*** Provided entries

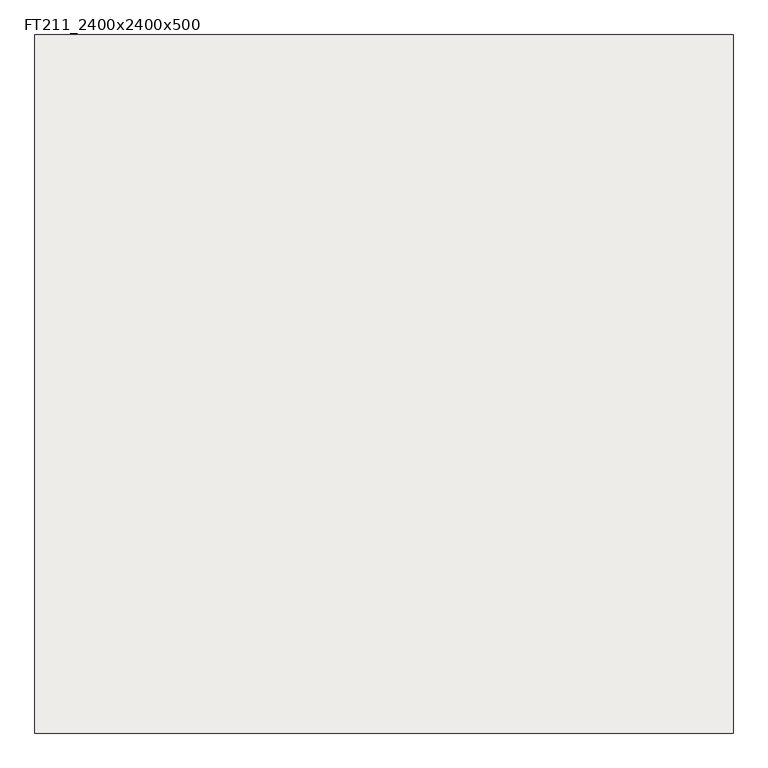
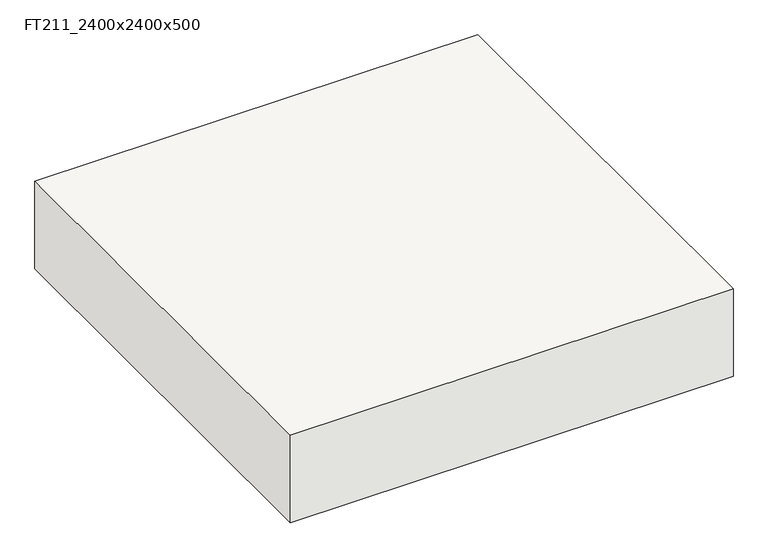
"""IFC4 building model written with IfcOpenShell, lengths in millimetres: slab geometry, FT211-Footing-Rectangular_더미삭제 : FT211_2400x2400x500."""

from ifc_helpers import new_model, si_unit, frame, origin, place, context, project, spatial, polyline, outline, extrude, source, transform, mapped, element, save


def ft211_2400x2400x500_5fe39465(model_context):
    return source(origin(), model_context, "Body", "SweptSolid", [
        extrude(outline(polyline([(1200.0, 1200.0), (1200.0, -1200.0), (-1200.0, -1200.0), (-1200.0, 1200.0), (1200.0, 1200.0)])), frame((0.0, 0.0, -500.0), z_axis=(0.0, 0.0, 1.0), x_axis=(1.0, 0.0, 0.0)), (0.0, 0.0, 1.0), 500.0),
    ])


if __name__ == "__main__":
    model = new_model("IFC4")
    model_context = context("Model", 3, world=origin())
    ifc_project = project(units=[si_unit("LENGTHUNIT", "METRE", prefix="MILLI")], contexts=[model_context])
    site = spatial("IfcSite", under=ifc_project)
    building = spatial("IfcBuilding", under=site)
    placement = place(None, origin())
    ft211_2400x2400x500_shape = ft211_2400x2400x500_5fe39465(model_context)
    element("IfcSlab", 1, ObjectType="FT211-Footing-Rectangular_더미삭제 : FT211_2400x2400x500", at=placement, inside=building, context=model_context, shape_type="MappedRepresentation", body=[
        mapped(ft211_2400x2400x500_shape, transform((0.0, 0.0, 0.0), x_axis=(1.0, 0.0, 0.0), y_axis=(0.0, 1.0, 0.0), z_axis=(0.0, 0.0, 1.0))),
    ])
    save(model, "model.ifc")

# Revit data of these elements
# Type "FT211-Footing-Rectangular_더미삭제 : FT211_2400x2400x500"
#   Top bar = "D25@300"
#   Description = "UG Shallow Foundation"
#   Bottom bar = "D20@300"
#   Width = 2400 mm
#   Length = 2400 mm
#   Foundation Thickness = 500 mm
#   Structural Material [instance default] = A03AC032-00007_Structural Concrete_Type1_25MPa-30Mpa
#   Assembly Code = ""
# Element 1 (IfcSlab, "FT211-Footing-Rectangular_더미삭제 : FT211_2400x2400x500")
#   Materials on its faces: "A03AC032-00007_Structural Concrete_Type1_25MPa-30Mpa"
# Materials
#   "A03AC032-00007_Structural Concrete_Type1_25MPa-30Mpa": class "Concrete", colour RGB 176 176 176, transparency 0, Keynote = "09910.A1", Description = "Reinf. Conc.", W00) Work Master Code = "A03AC032-00007", W01) Work Master_Lv1 = "Concrete Work", W02) Work Master_Lv2 = "Substructure Work", W03) Work Master_Spec.1 = "Structural Concrete", W04) Work Master_Spec.2 = "Cement Type-1", W05) Work Master_Spec.3 = "25MPa < F'c (Cylinder Strength) ≤ 30MPa", Cost = 0

******

Wherever the string "Description" appears in a line above, copy that line.

#   Description = "UG Shallow Foundation"
#   "A03AC032-00007_Structural Concrete_Type1_25MPa-30Mpa": class "Concrete", colour RGB 176 176 176, transparency 0, Keynote = "09910.A1", Description = "Reinf. Conc.", W00) Work Master Code = "A03AC032-00007", W01) Work Master_Lv1 = "Concrete Work", W02) Work Master_Lv2 = "Substructure Work", W03) Work Master_Spec.1 = "Structural Concrete", W04) Work Master_Spec.2 = "Cement Type-1", W05) Work Master_Spec.3 = "25MPa < F'c (Cylinder Strength) ≤ 30MPa", Cost = 0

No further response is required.